The accuracy of remote sensing-based models of forest attributes could be improved by controlling the spatial registration of field and remote sensing data. We have demonstrated the potential of an algorithm matching plot-level field tree positions with lidar canopy height models and derived local maxima to achieve a precise registration automatically.
Context The accuracy of remote sensing-based estimates of forest parameters depends on the quality of the spatial registration of the training data.
Aims This study introduces an algorithm called RegisTree to correct field plot positions by matching a spatialized field tree height map with lidar canopy height models (CHMs).
Methods RegisTree is based on a point (field positions) to surface (CHM) adjustment approach modified to ensure that at least one field tree position corresponds to CHM local maxima.
Results RegisTree has been validated with respect to positioning errors and the performance of lidar-derived estimation of plot volume.
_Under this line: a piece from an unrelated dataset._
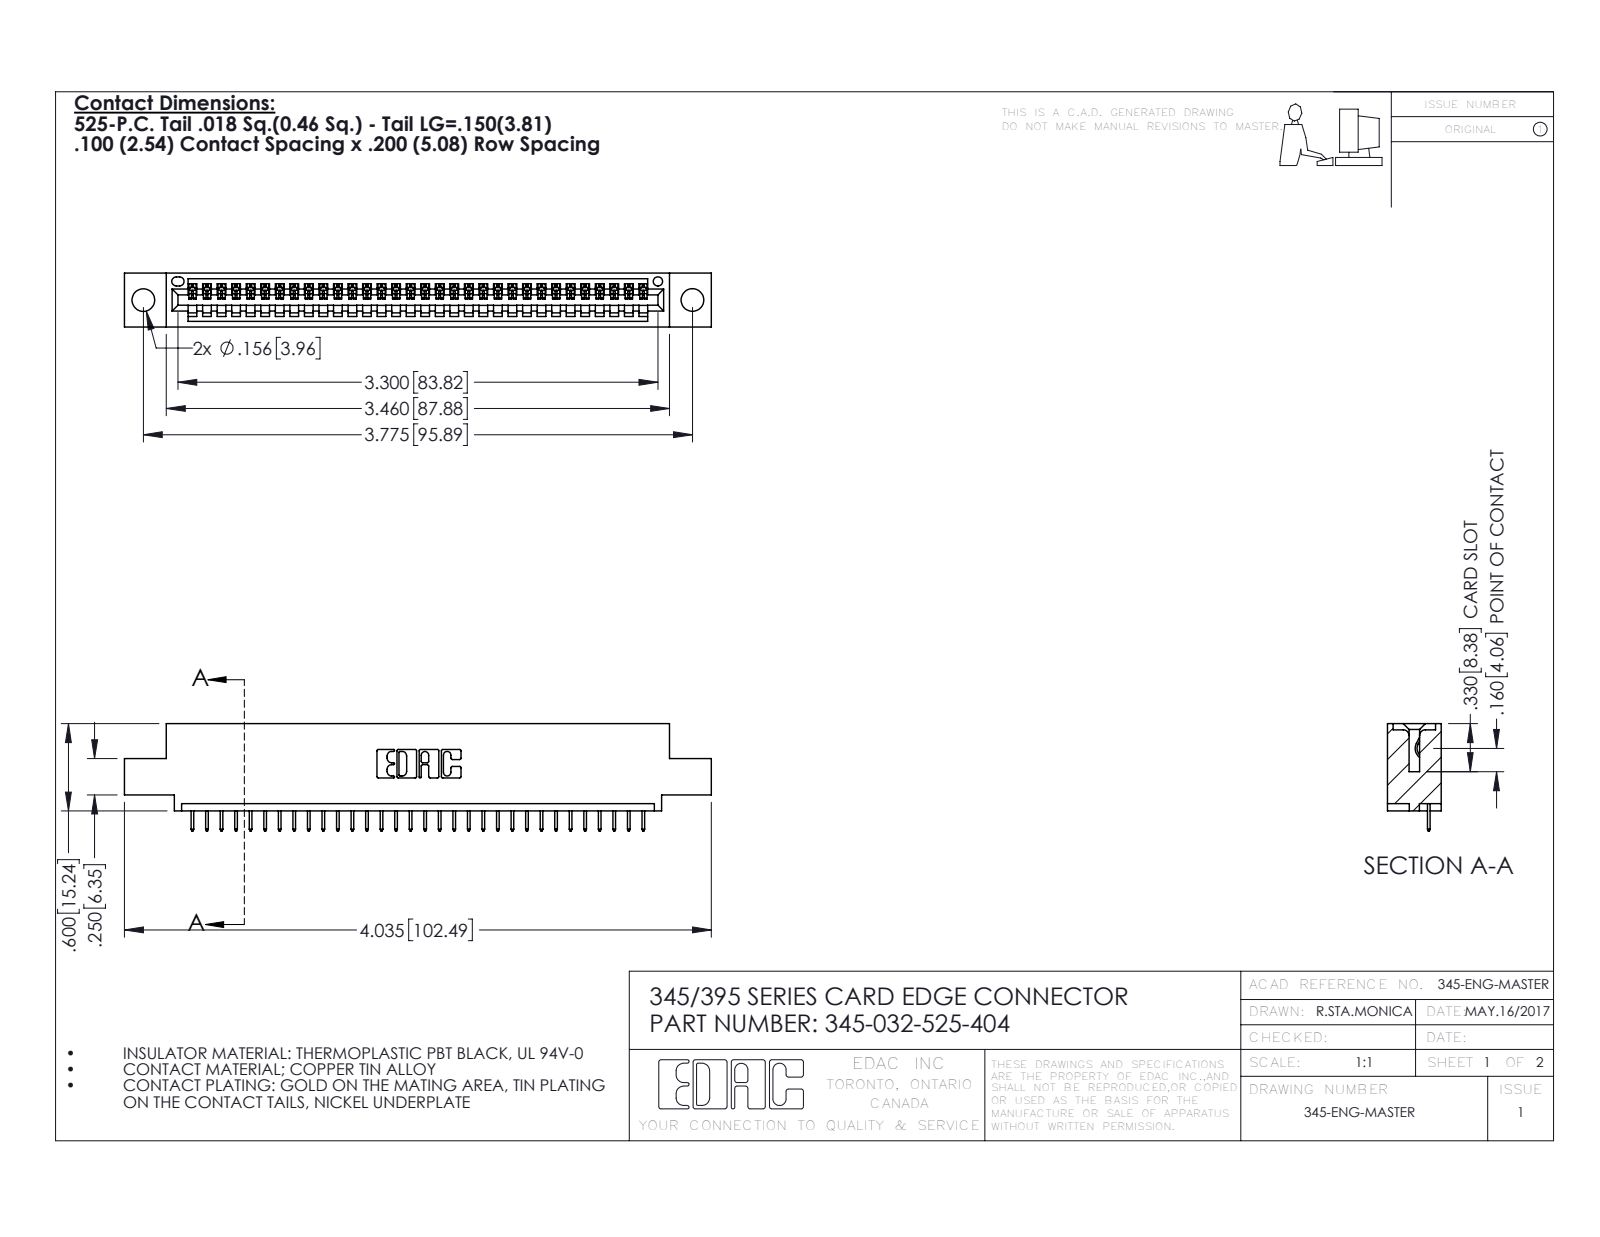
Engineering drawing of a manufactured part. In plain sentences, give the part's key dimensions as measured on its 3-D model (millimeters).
The part is named "345 Part_0.110 Offset - 0.156 Dia-TH; 345-032-525-404; 345-292-001_345-293-125". Its 3-D file was written by "SolidWorks 2020 (CONFIG_CONTROL_DESIGN)". It is 33 solids with 2114 faces: 1556 planar, 558 cylindrical and 0 other. Overall it measures 102.5 by 18.7 by 9.4 millimeters. Its volume is 9 360 cubic millimeters and its surface area 11 760 square millimeters. Round holes: 2 of diameter 4, 1 of diameter 1.6. Partial cylindrical surfaces (rounded edges, fillets, slot ends): 64 of radius 0.2, 22 of radius 0.3, 6 of radius 0.2, 6 of radius 0.8, 3 of radius 0.7, 2 of radius 0.8, 2 of radius 1, 1 of radius 0.4. The main face-to-face distances are 1.8, 7.6, 9.4, 5.1, 2.5, 6.9, 0.6, 5.7, 1.8, 3.8. The hole center spacings are 6.9, 89.9, 95.9.
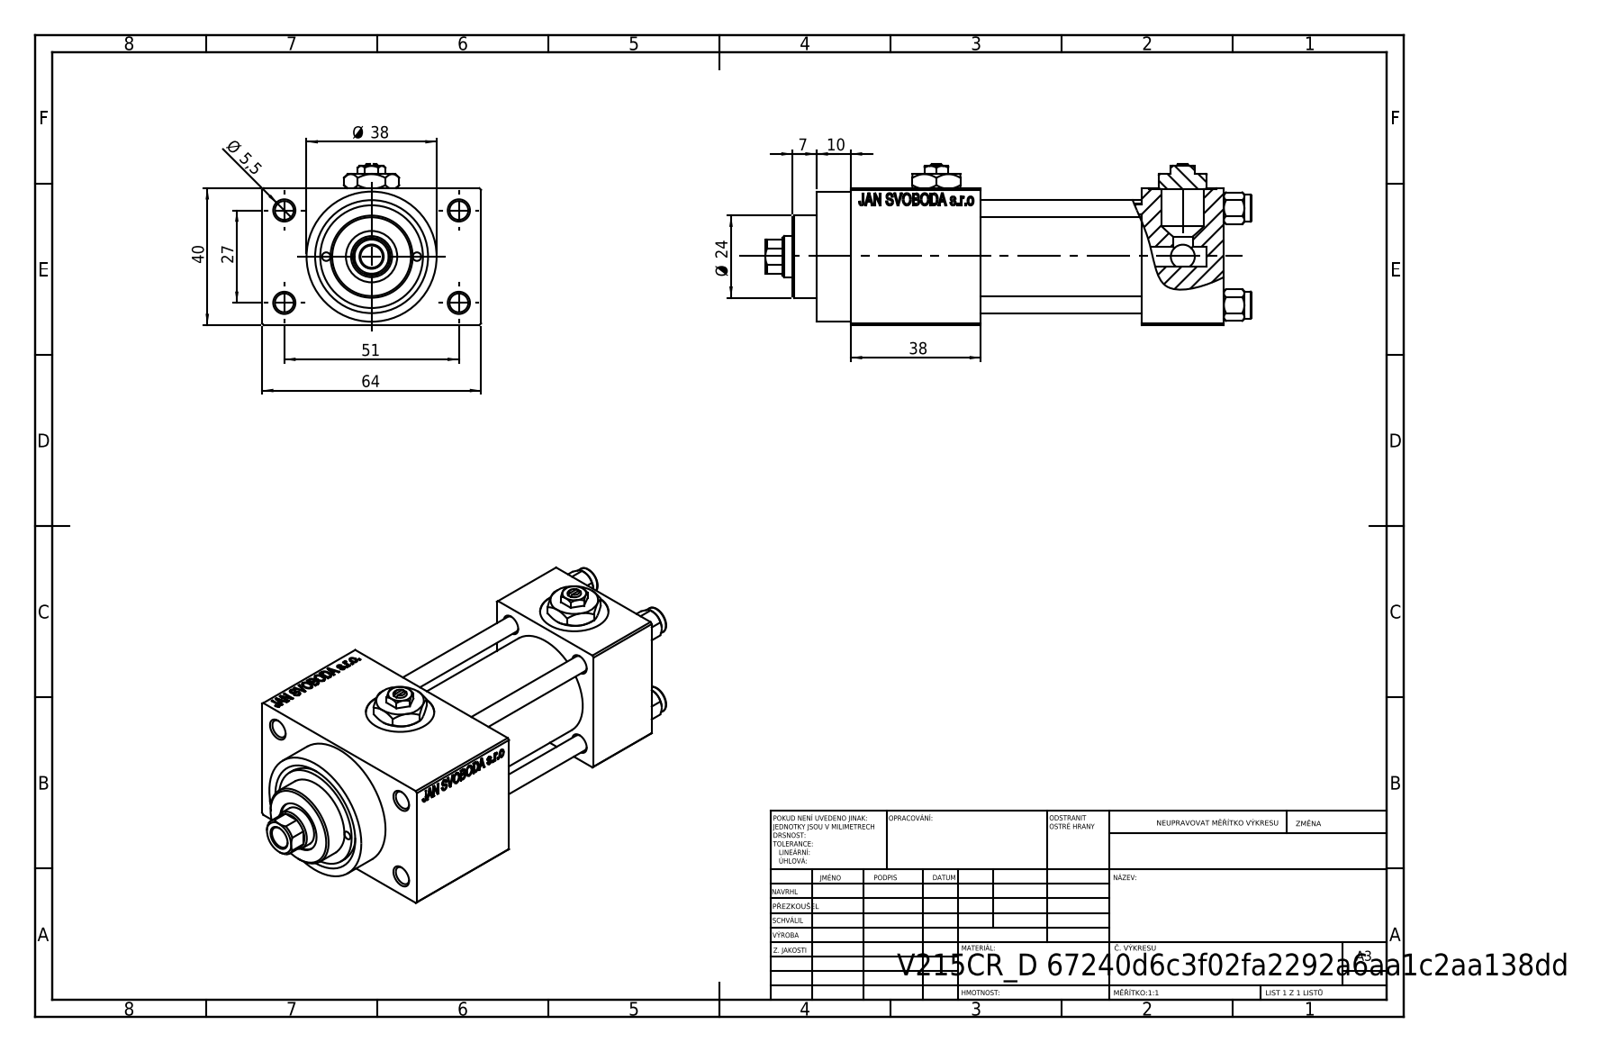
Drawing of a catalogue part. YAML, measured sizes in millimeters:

Overall, RegisTree enabled to register field plots surveyed in a range of forest conditions with a precision of 1.5 m (± 1.23 m), but a higher performance for conifer plots, and a limited efficiency in homogeneous stands, having similar heights. Improved plot positions were found to have a limited impact on volume predictions under the range of tested conditions, with a gain up to 1.3%.
Conclusion RegisTree could be used to improve the forest plot position from field surveys collected with low-grade GPS and to contribute to the development of processing chains of 3D remote sensing-based models of forest parameters.
Forest inventory, Lidar, Plot positioning, Registration algorithm, Forest parameter estimation
Fadili, M., Renaud, JP., Bock, J. et al. Annals of Forest Science (2019) 76: 30. https://doi.org/10.1007/s13595-019-0814-2
For the read-only version of the full text: https://rdcu.be/buDwl
The datasets generated and/or analyzed during the current study are not publicly available due to ownership and funding constraints but are available from the author upon reasonable request and with permission of ONF and IGN. Code and sample data supporting the findings of this study are available in the Zenodo repository (Fadili et al. 2019).